Another issue that stems from these traditional practices is the recurring problem of child marriages. The Convention on the Elimination of All Forms of Discrimination against Women in Article 16(2) (b) provides that women have ‘the same right freely to choose a spouse and to enter into marriage only with their free and full consent’. This clearly kicks against child marriage. This convention has been ratified by 189 states including Nigeria. It is therefore a surprise how child marriages are still practiced with impunity. It is interesting to note that even the 1999 Constitution of the Federal Republic of Nigeria implicitly encourages child marriage by virtue of Section 29(4)(b) which describes ‘any woman who is married’ to be of full age.
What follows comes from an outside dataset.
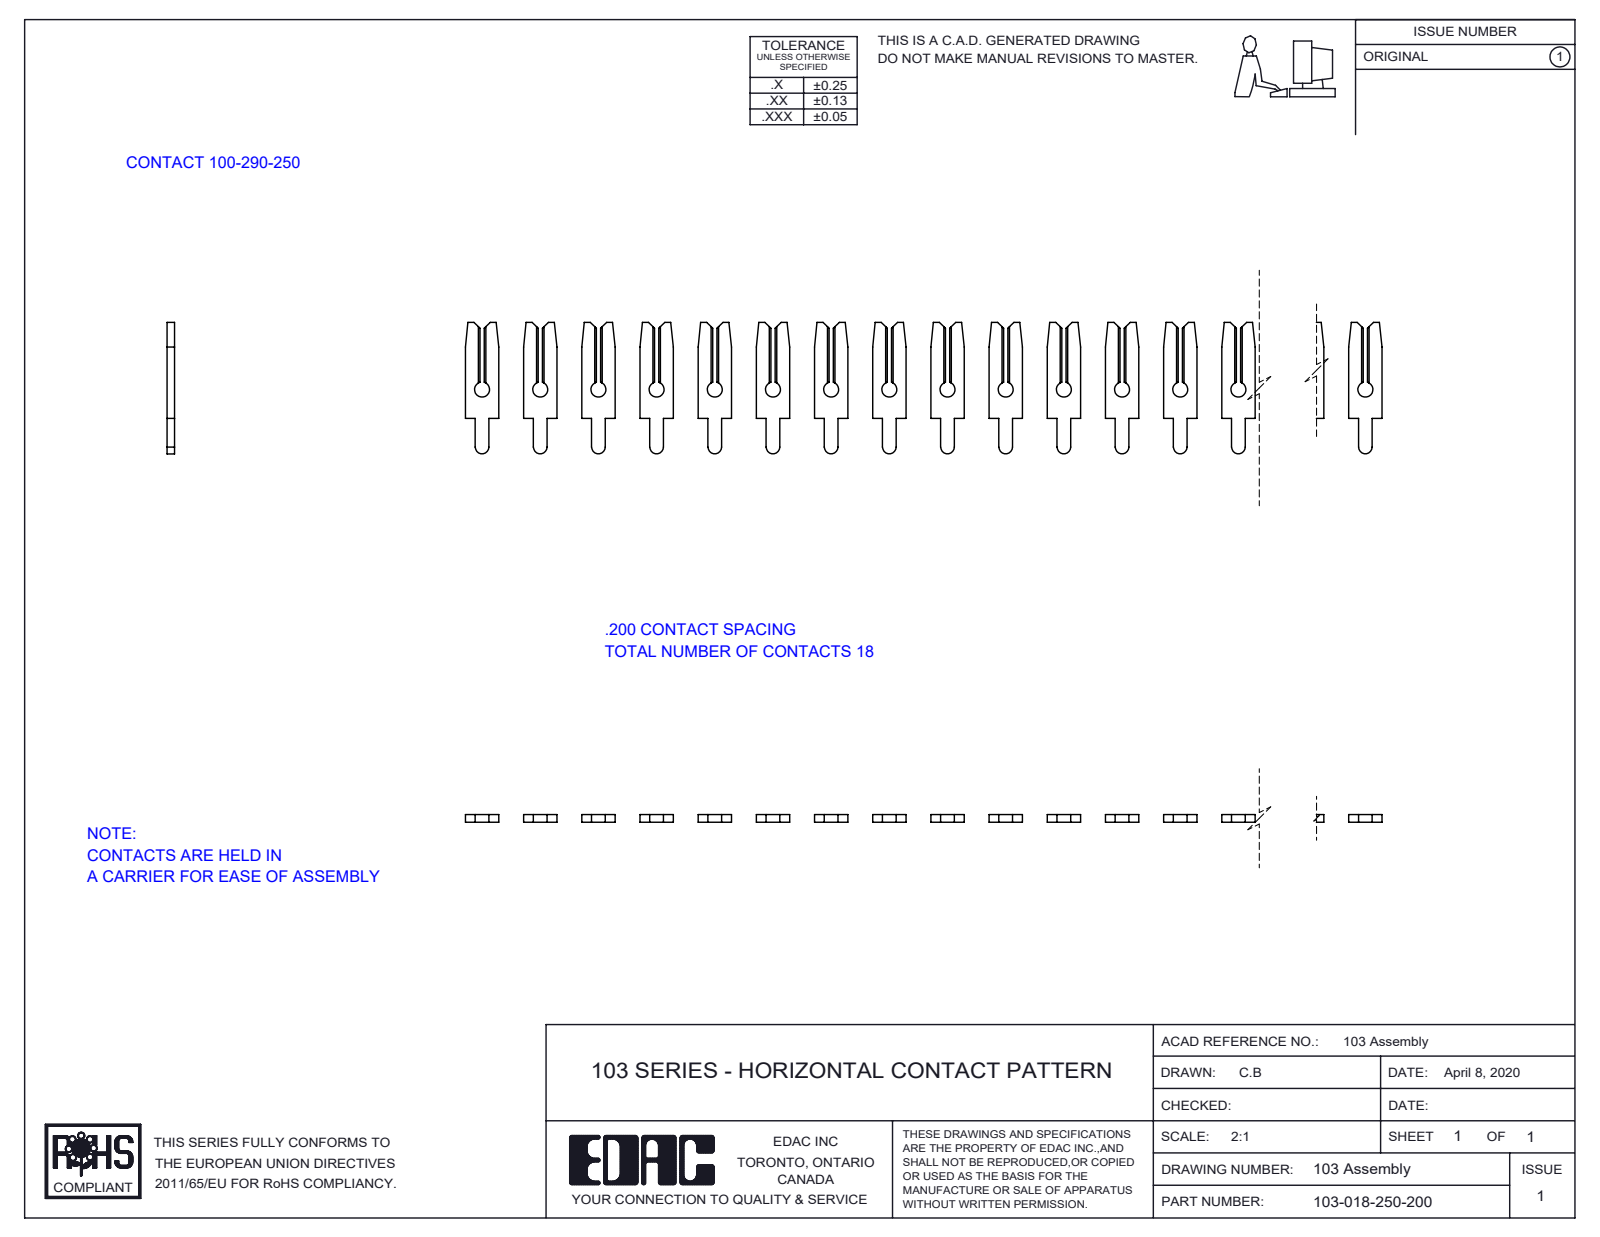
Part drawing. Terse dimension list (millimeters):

Forced marriage can be described as a marriage in which one or both parties are married against their will. This is practised across several communities in South Asia and Africa. The 1956 Supplementary Convention on the Abolition of Slavery, the Slave Trade, and the Institutions and Practices Similar to Slavery defines “institutions and practices similar to slavery” to include various forms of forced marriages. Child and forced marriages amount to an infringement of a number of rights including right to education, health (as marriage usually results in marital rape and pregnancy for young girls) and equality. These rights are contained in several human rights instruments such as Convention of the Rights of the Child, African Charter on the Rights and Welfare of the Child among a host of several others.

In similar vein, widows, in some Nigerian societies, also fall victim of this degrading and inhumane behaviour. Rather than regarding them as people who have lost a loved one, they are humiliated. In the Eastern part of Nigeria, the widows have their hair violently shaved off and they are forced to drink the water used to wash the corpse of their husbands. This is to prove their innocence in the death of their husbands. They also do not enjoy inheritance rights after the death of their husbands.
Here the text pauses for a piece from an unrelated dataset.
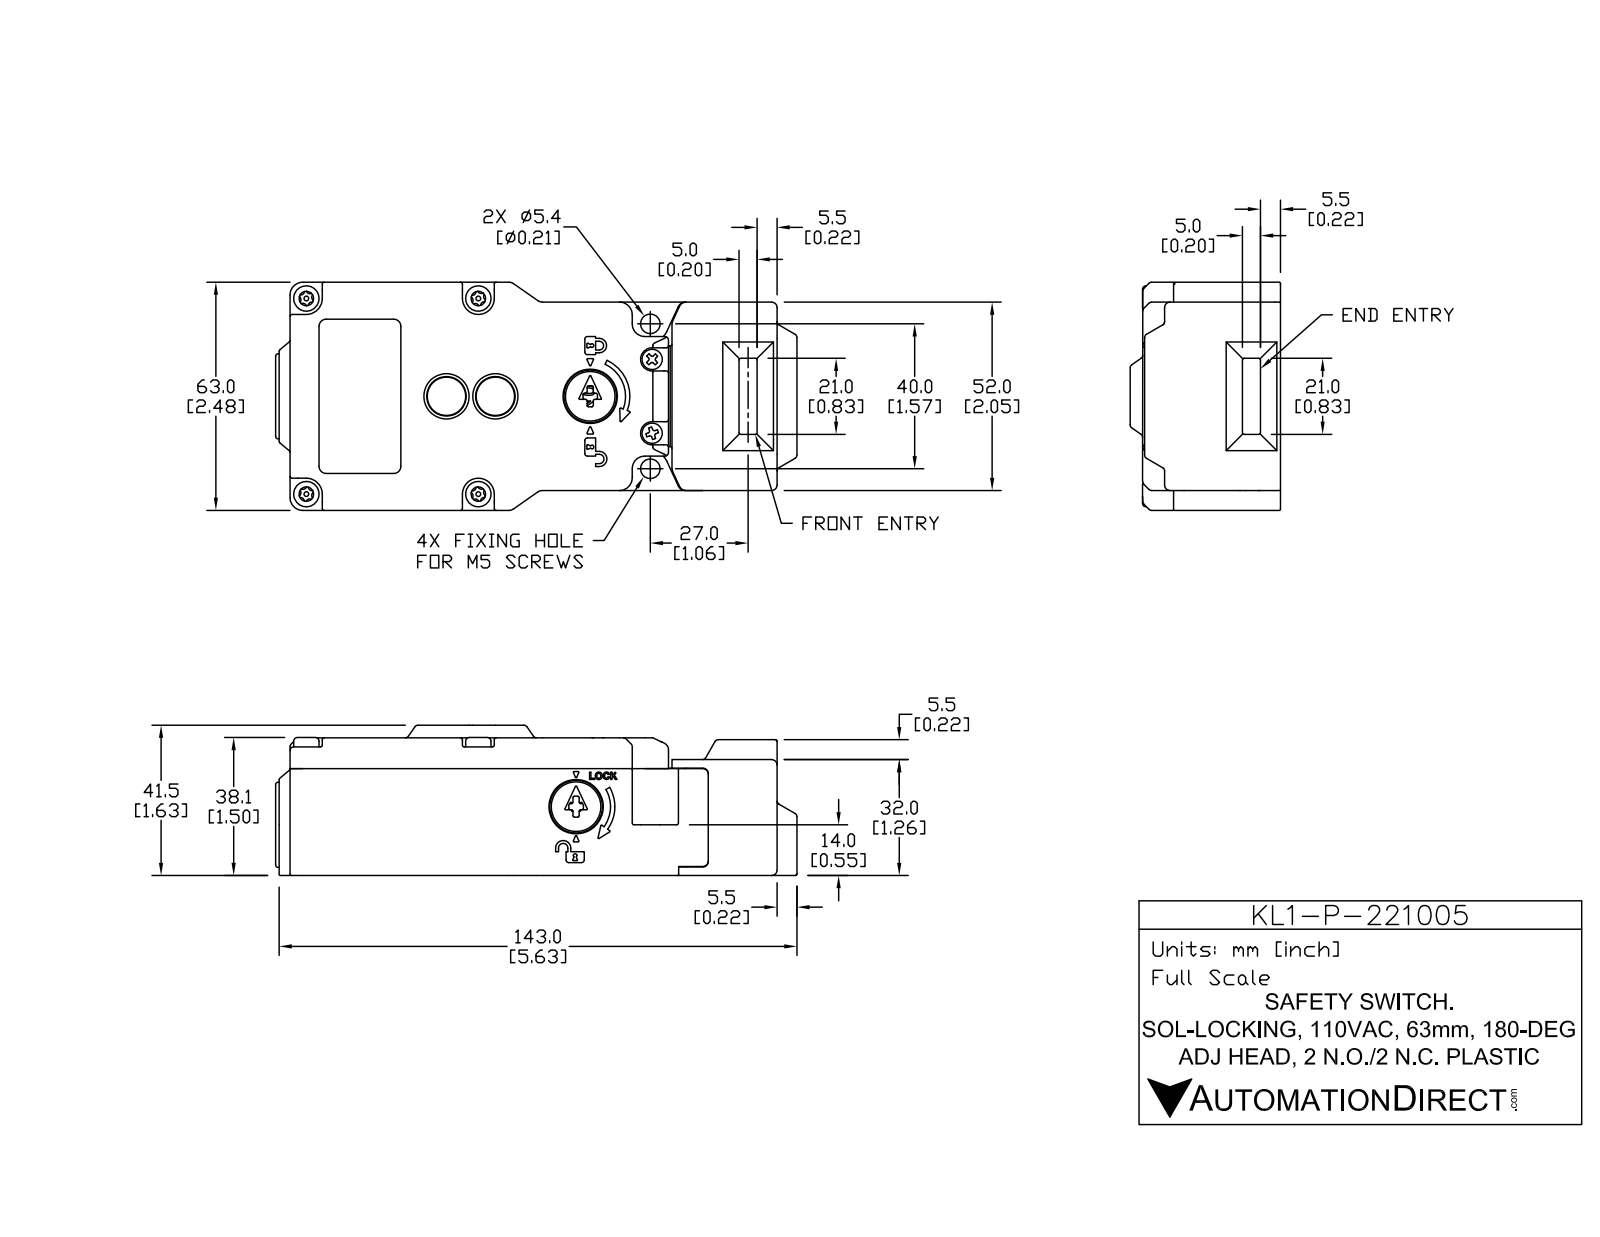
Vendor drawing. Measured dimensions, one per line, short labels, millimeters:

These HTPs are constantly evolving and new ones are evolving constantly, as seen in the medicalization of Female Genital Mutilation and prenatal infanticide. The development in technology allows for the process of amniocentesis which is a test conducted to determine the health, sex and genetic constitution of the foetus. With this, it is easier to detect whether the foetus is male or female; facilitating prenatal infanticide. The CEDAW Committee in defining violence against women described it as “violence that is directed against a woman because she is a woman or that affects women disproportionately. It includes acts that inflict physical, mental, sexual harm or suffering, threats of such act, coercion and other deprivations of liberty.” It is obvious that the above-mentioned practices violate several rights. They are in themselves discriminatory as they are on women due to the fact that they are women. Despite the existence of several legislations which kick against Harmful Traditional Practices, they still exist in the society. The preferred form of putting an end to these is through enlightenment of the general populace on the dangers of these acts by promoting awareness about the human rights these acts infringe upon.
‘Seun Braimoh is a 300 Level student (LL. B in view) at the University of Lagos. She is a member of the ADR Society and the Mooting Society. She loves good music and good food. She hopes to major in the fields of Commercial Law, Human Rights and Arbitration.
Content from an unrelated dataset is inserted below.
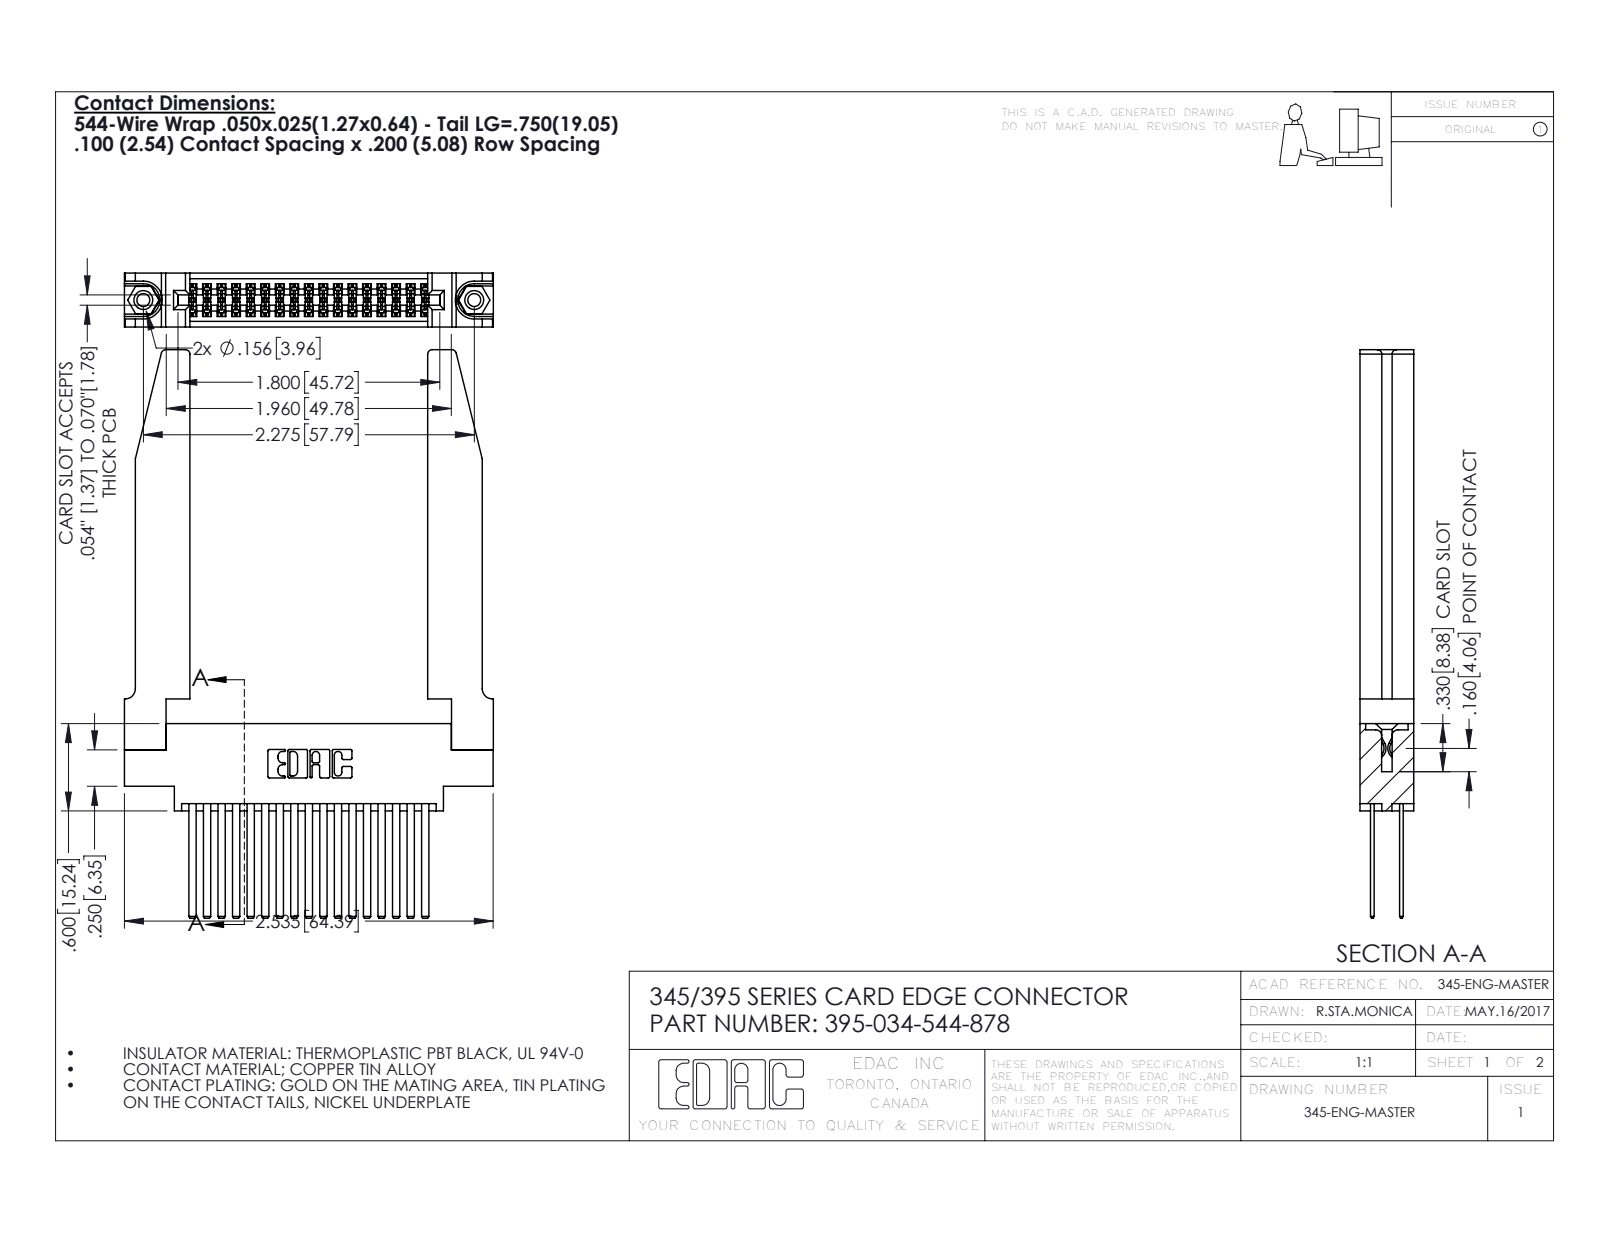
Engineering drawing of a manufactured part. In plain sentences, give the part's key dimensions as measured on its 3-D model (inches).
The part is named "345 Part_0.170 Offset - 0.156 Dia-TH; 345-292-001_345-293-144; 395-034-544-878; 345-250-001_345-250-001-102 (+1 more)". Its 3-D file was written by "SolidWorks 2016 (CONFIG_CONTROL_DESIGN)". It is 39 solids with 1860 faces: 1212 planar, 596 cylindrical and 52 other. Overall it measures 3.907 by 2.536 by 0.37 inches. Its volume is 0.864 cubic inches and its surface area 26.87 square inches. Round holes: 2 of diameter 0.089, 2 of diameter 0.125, 2 of diameter 0.156, 1 of diameter 0.064. Round bosses or shafts: 2 of diameter 0.155. Partial cylindrical surfaces (rounded edges, fillets, slot ends): 51 of radius 0.006, 22 of radius 0.01, 8 of radius 0.03, 6 of radius 0.007, 6 of radius 0.031, 3 of radius 0.026, 2 of radius 0.014, 2 of radius 0.019. The main face-to-face distances are 0.37, 0.072, 0.298, 0.098, 0.272, 0.025, 0.2, 0.225, 0.175, 0.148. The hole center spacings are 0.27, 2.041, 2.275.

5 thoughts on “Harmful Traditional Practices Affecting Women in Africa: An Examination of the Legal Framework

  1. I found this article quite enlightening. I just recently became the Coordinator of the Student Anti-FGM Movement OAU and I’m seeking materials to add to a corpus to aid in our advocacy in Osun State. The state has the highest rate of FGM in the federation.
    I would be pleased if you would permit me use your material, with full attribution.